Les illustrations de Qant, cette semaine, rendent humblement hommage au grand Mœbius (Jean Giraud, 1938-2012)

Vendredi, l’Europe a enfin imposé une amende à la plateforme X d’Elon Musk, marquant la première application du règlement européen sur les services numériques (DSA). La  réaction ne s’est pas faite attendre, aussi officielle que belliqueuse. « L’amende infligée par la Commission européenne n’est pas seulement une attaque contre X, c’est une attaque contre (...) le peuple américain, perpétrée par des gouvernements étrangers » s’est exclamé le secrétaire d’État Marco Rubio, qui menace : « L’époque de la censure des Américains en ligne est révolue. »

Pourtant, il aura fallu deux ans d’atermoiements à la Commission pour sanctionner la tromperie qu’est devenu le système de vérification de Twitter après le rachat par Elon Musk, le manque de transparence publicitaire et les restrictions sur l’accès aux données, conçues pour masquer la désinformation et la manipulation algorithmique. Le montant, qui aurait pu atteindre 6 % du chiffre d’affaires, ne s’élève qu’à 120 millions d’euros. Ce dont xAI, qui a absorbé X  en mars dernier, se souciera comme d’une guigne, trop occupée qu’elle est à lever 15 milliards de dollars sur une valorisation de 230 milliards (même si l’amende pourrait représenter 4% du chiffre d’affaires de l’ancienne Twitter, que certains estiment à 3 milliards de dollars à peine). 

En revanche, les autorités américaines ne pouvaient rêver mieux pour appliquer la nouvelle National Security Strategy (NSS), qui donne des sueurs froides aux chancelleries européennes depuis sa parution vendredi. Elle accuse l’Europe, entre autres méfaits, de contraindre la liberté d’expression et réprimer les oppositions politiques.

Protectorats

La NSS est un document censé orienter les budgets de défense, mais elle sert avant tout de manifeste politique et de signal diplomatique. Pour la première fois, elle ne désigne ni la Russie ni la Chine comme des ennemis. En revanche, elle délègue la sécurité de leurs régions aux « alliés » en Europe et dans l'Indo-Pacifique, au titre du « burden sharing » et parfois du « burden shifting », le transfert du fardeau militaire. Et son ambition d’orienter leur comportement s’étend bien au-delà du réarmement. 
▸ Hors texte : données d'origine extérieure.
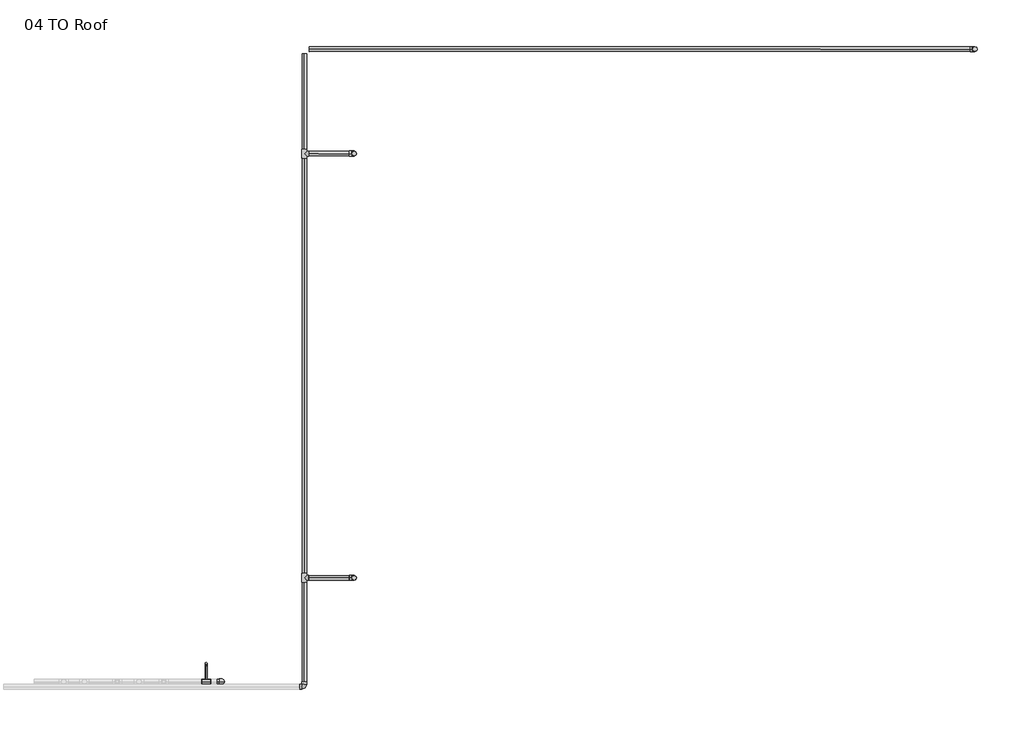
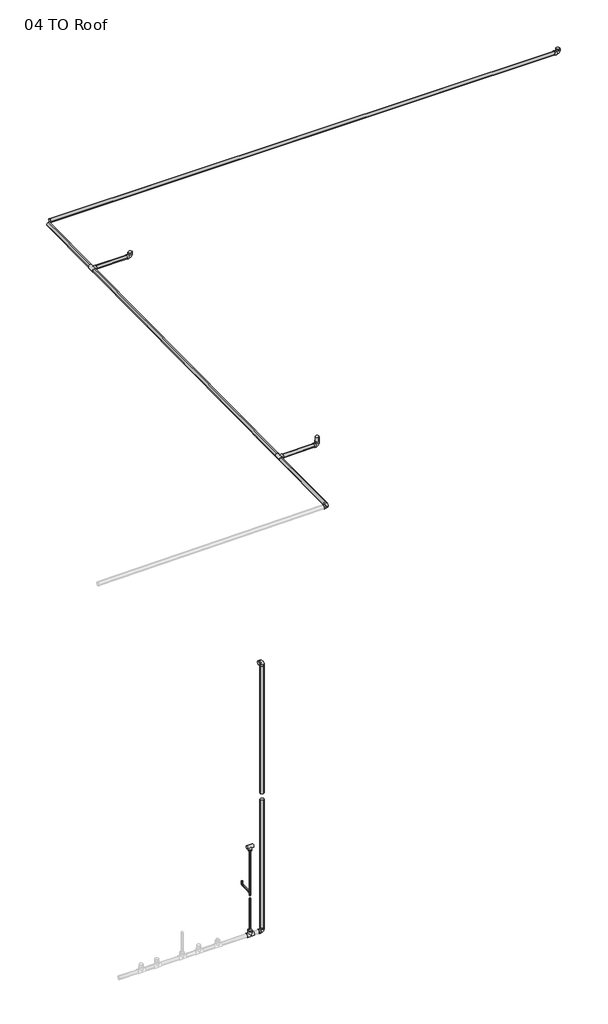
# One storey, part 2 of 2: 16 pipe segments, 14 pipe fittings.
"""IFC4 building model written with IfcOpenShell, lengths in millimetres."""

from ifc_helpers import new_model, si_unit, point, frame, frame_2d, origin, place, context, project, spatial, circle_curve, trimmed, segment, composite_curve, outline, extrude, transform, mapped, element, save
from components import elbow_pvc_sch_40_standard_f9cb6bb1, elbow_pvc_sch_40_standard_84c736bd, elbow_pvc_sch_40_standard_d32303a6, elbow_pvc_sch_40_standard_2ea8bc13, elbow_pvc_sch_40_standard_1e4faa0e, reducer_pvc_sch_40_dwv_standard_9c0d98a8, reducer_pvc_sch_40_dwv_standard_cf29b970, tee_pvc_sch_40_standard_fd0a187c, tee_pvc_sch_40_standard_5c3f4d2b, tee_pvc_sch_40_standard_9c13fb8e, tee_pvc_sch_40_standard_9261842d, tee_pvc_sch_40_standard_216bb700

model = new_model("IFC4")

# Units and contexts
model_context = context("Model", 3, world=origin())
ifc_project = project(units=[si_unit("LENGTHUNIT", "METRE", prefix="MILLI")], contexts=[model_context])

# Site, building, storey
site = spatial("IfcSite", under=ifc_project)
building = spatial("IfcBuilding", under=site)
storey = spatial("IfcBuildingStorey", under=building, Name="04 TO Roof", Elevation=13716.0)

# Pipe fittings
placement = place(None, origin())
elbow_pvc_sch_40_standard_shape = elbow_pvc_sch_40_standard_f9cb6bb1(model_context)
element("IfcPipeFitting", 1, ObjectType="Elbow - PVC - Sch 40 : Standard", at=placement, inside=storey, context=model_context, shape_type="MappedRepresentation", body=[
    mapped(elbow_pvc_sch_40_standard_shape, transform((-8996.1852278, -1894.3713307, 13024.6235463), x_axis=(0.9999457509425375, 0.0, 0.010416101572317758), y_axis=(-0.010416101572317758, 0.0, 0.9999457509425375), z_axis=(0.0, -1.0, 0.0))),
])
elbow_pvc_sch_40_standard_2_shape = elbow_pvc_sch_40_standard_84c736bd(model_context)
element("IfcPipeFitting", 2, ObjectType="Elbow - PVC - Sch 40 : Standard", at=placement, inside=storey, context=model_context, shape_type="MappedRepresentation", body=[
    mapped(elbow_pvc_sch_40_standard_2_shape, transform((-10219.1403709, -4567.1253665, 12984.0432423), x_axis=(0.9999457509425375, 0.0, 0.010416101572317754), y_axis=(-0.0001084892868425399, 0.9999457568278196, 0.010414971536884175), z_axis=(-0.010415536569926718, -0.010415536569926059, 0.999891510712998))),
])
elbow_pvc_sch_40_standard_3_shape = elbow_pvc_sch_40_standard_d32303a6(model_context)
element("IfcPipeFitting", 3, ObjectType="Elbow - PVC - Sch 40 : Standard", at=placement, inside=storey, context=model_context, shape_type="MappedRepresentation", body=[
    mapped(elbow_pvc_sch_40_standard_3_shape, transform((-12241.2148778, -4439.7857603, -832.1193487), x_axis=(1.0, 0.0, 0.0), y_axis=(0.0, 0.0, 1.0), z_axis=(0.0, -1.0, 0.0))),
])
element("IfcPipeFitting", 4, ObjectType="Elbow - PVC - Sch 40 : Standard", at=placement, inside=storey, context=model_context, shape_type="MappedRepresentation", body=[
    mapped(elbow_pvc_sch_40_standard_3_shape, transform((-8996.2067943, 8522.8841045, 13120.3357568), x_axis=(0.0, 0.0, -1.0), y_axis=(-0.9999882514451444, -0.00484736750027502, 0.0), z_axis=(-0.00484736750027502, 0.9999882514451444, 0.0))),
])
element("IfcPipeFitting", 5, ObjectType="Elbow - PVC - Sch 40 : Standard", at=placement, inside=storey, context=model_context, shape_type="MappedRepresentation", body=[
    mapped(elbow_pvc_sch_40_standard_3_shape, transform((-12241.2148778, -4439.7857603, 8311.8806513), x_axis=(0.0, 0.0, 1.0), y_axis=(-1.0, 0.0, 0.0), z_axis=(0.0, -1.0, 0.0))),
])
elbow_pvc_sch_40_standard_4_shape = elbow_pvc_sch_40_standard_2ea8bc13(model_context)
element("IfcPipeFitting", 6, ObjectType="Elbow - PVC - Sch 40 : Standard", at=placement, inside=storey, context=model_context, shape_type="MappedRepresentation", body=[
    mapped(elbow_pvc_sch_40_standard_4_shape, transform((-12628.3542617, -3991.9703325, 604.4703954), x_axis=(0.0, 0.9999457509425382, 0.010416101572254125), y_axis=(0.0, -0.010416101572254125, 0.9999457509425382), z_axis=(1.0, 0.0, 0.0))),
])
elbow_pvc_sch_40_standard_5_shape = elbow_pvc_sch_40_standard_1e4faa0e(model_context)
element("IfcPipeFitting", 7, ObjectType="Elbow - PVC - Sch 40 : Standard", at=placement, inside=storey, context=model_context, shape_type="MappedRepresentation", body=[
    mapped(elbow_pvc_sch_40_standard_5_shape, transform((6243.8426104, 11086.5163798, 13165.0399715), x_axis=(0.0, 0.0, -1.0), y_axis=(-0.9999999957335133, -9.237409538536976e-05, 0.0), z_axis=(-9.237409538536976e-05, 0.9999999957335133, 0.0))),
])
reducer_pvc_sch_40_dwv_standard_shape = reducer_pvc_sch_40_dwv_standard_9c0d98a8(model_context)
element("IfcPipeFitting", 8, ObjectType="Reducer - PVC - Sch 40 - DWV : Standard", at=placement, inside=storey, context=model_context, shape_type="MappedRepresentation", body=[
    mapped(reducer_pvc_sch_40_dwv_standard_shape, transform((-12628.3542617, -4439.7857603, -720.9943487), x_axis=(0.0, 0.0, 1.0), y_axis=(1.0, 0.0, 0.0), z_axis=(0.0, 1.0, 0.0))),
])
reducer_pvc_sch_40_dwv_standard_2_shape = reducer_pvc_sch_40_dwv_standard_cf29b970(model_context)
element("IfcPipeFitting", 9, ObjectType="Reducer - PVC - Sch 40 - DWV : Standard", at=placement, inside=storey, context=model_context, shape_type="MappedRepresentation", body=[
    mapped(reducer_pvc_sch_40_dwv_standard_2_shape, transform((-12628.3542617, -4439.7857603, 2066.925), x_axis=(0.0, 0.0, -1.0), y_axis=(0.0, -1.0, 0.0), z_axis=(-1.0, 0.0, 0.0))),
])
tee_pvc_sch_40_standard_shape = tee_pvc_sch_40_standard_fd0a187c(model_context)
element("IfcPipeFitting", 10, ObjectType="Tee - PVC - Sch 40 : Standard", at=placement, inside=storey, context=model_context, shape_type="MappedRepresentation", body=[
    mapped(tee_pvc_sch_40_standard_shape, transform((-10219.1403709, -1894.3713307, 13011.8844302), x_axis=(0.0, 0.9999457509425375, 0.010416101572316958), y_axis=(-0.9999457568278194, 0.00010848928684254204, -0.010414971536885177), z_axis=(-0.010415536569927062, -0.010415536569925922, 0.9998915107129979))),
])
tee_pvc_sch_40_standard_2_shape = tee_pvc_sch_40_standard_5c3f4d2b(model_context)
element("IfcPipeFitting", 11, ObjectType="Tee - PVC - Sch 40 : Standard", at=placement, inside=storey, context=model_context, shape_type="MappedRepresentation", body=[
    mapped(tee_pvc_sch_40_standard_2_shape, transform((-12628.3542617, -4439.7857603, -832.1193487), x_axis=(-1.0, 0.0, 0.0), y_axis=(0.0, 0.0, -1.0), z_axis=(0.0, -1.0, 0.0))),
])
tee_pvc_sch_40_standard_3_shape = tee_pvc_sch_40_standard_9c13fb8e(model_context)
element("IfcPipeFitting", 12, ObjectType="Tee - PVC - Sch 40 : Standard", at=placement, inside=storey, context=model_context, shape_type="MappedRepresentation", body=[
    mapped(tee_pvc_sch_40_standard_3_shape, transform((-12628.3542617, -4439.7857603, 599.8056513), x_axis=(0.0, 0.0, 1.0), y_axis=(0.0, -1.0, 0.0), z_axis=(1.0, 0.0, 0.0))),
])
tee_pvc_sch_40_standard_4_shape = tee_pvc_sch_40_standard_9261842d(model_context)
element("IfcPipeFitting", 13, ObjectType="Tee - PVC - Sch 40 : Standard", at=placement, inside=storey, context=model_context, shape_type="MappedRepresentation", body=[
    mapped(tee_pvc_sch_40_standard_4_shape, transform((-12628.3542617, -4439.7857603, 2163.7752), x_axis=(-1.0, 0.0, 0.0), y_axis=(0.0, 0.0, 1.0), z_axis=(0.0, 1.0, 0.0))),
])
tee_pvc_sch_40_standard_5_shape = tee_pvc_sch_40_standard_216bb700(model_context)
element("IfcPipeFitting", 14, ObjectType="Tee - PVC - Sch 40 : Standard", at=placement, inside=storey, context=model_context, shape_type="MappedRepresentation", body=[
    mapped(tee_pvc_sch_40_standard_5_shape, transform((-10219.1403709, 8516.9560264, 13120.3357568), x_axis=(0.0, 0.9999457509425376, 0.010416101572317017), y_axis=(-0.9999999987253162, -5.25922148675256e-07, 5.0488526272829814e-05), z_axis=(5.049126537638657e-05, -0.010416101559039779, 0.9999457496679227))),
])

# Pipe segments
element("IfcPipeSegment", 15, ObjectType="Standard", at=placement, inside=storey, context=model_context, shape_type="SweptSolid", body=[
    extrude(outline(composite_curve([segment(trimmed(circle_curve(frame_2d((0.0, -57.15)), 57.15), [point((-57.15, -57.15))], [point((0.0, 0.0))], False, "CARTESIAN"), True, "CONTINUOUS"), segment(trimmed(circle_curve(frame_2d((0.0, -57.15)), 57.15), [point((0.0, 0.0))], [point((57.15, -57.15))], False, "CARTESIAN"), True, "CONTINUOUS"), segment(trimmed(circle_curve(frame_2d((0.0, -57.15)), 57.15), [point((57.15, -57.15))], [point((0.0, -114.3000001))], False, "CARTESIAN"), True, "CONTINUOUS"), segment(trimmed(circle_curve(frame_2d((0.0, -57.15)), 57.15), [point((0.0, -114.3000001))], [point((-57.15, -57.15))], False, "CARTESIAN"), True, "CONTINUOUS")], self_intersect=False)), frame((-10219.1403709, -4449.8494417, 12928.111766), z_axis=(0.0, 0.9999457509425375, 0.010416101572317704), x_axis=(1.0, 0.0, 0.0)), (0.0, 0.0, 1.0), 2445.0870633),
])
element("IfcPipeSegment", 16, ObjectType="Standard", at=placement, inside=storey, context=model_context, shape_type="SweptSolid", body=[
    extrude(outline(composite_curve([segment(trimmed(circle_curve(frame_2d((0.0, 57.15)), 57.15), [point((57.1499999, 57.15))], [point((0.0, 0.0))], False, "CARTESIAN"), True, "CONTINUOUS"), segment(trimmed(circle_curve(frame_2d((0.0, 57.15)), 57.15), [point((0.0, 0.0))], [point((-57.15, 57.15))], False, "CARTESIAN"), True, "CONTINUOUS"), segment(trimmed(circle_curve(frame_2d((0.0, 57.15)), 57.15), [point((-57.15, 57.15))], [point((0.0, 114.3))], False, "CARTESIAN"), True, "CONTINUOUS"), segment(trimmed(circle_curve(frame_2d((0.0, 57.15)), 57.15), [point((0.0, 114.3))], [point((57.1499999, 57.15))], False, "CARTESIAN"), True, "CONTINUOUS")], self_intersect=False)), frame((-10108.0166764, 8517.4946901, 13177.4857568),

La logique de protectorat atteint son apogée pour l'Amérique latine. Un « corollaire Trump » à la doctrine Monroe est censé dissuader non seulement l’immigration et le trafic de drogue, mais aussi la propriété non-américaine des actifs-clé. Les États-Unis s’arrogent un droit de veto sur les investissements chinois en Amérique du Sud, tout en se déclarant prêts à employer la force pour se garantir l’accès aux lieux qu’ils désignent comme stratégiques. 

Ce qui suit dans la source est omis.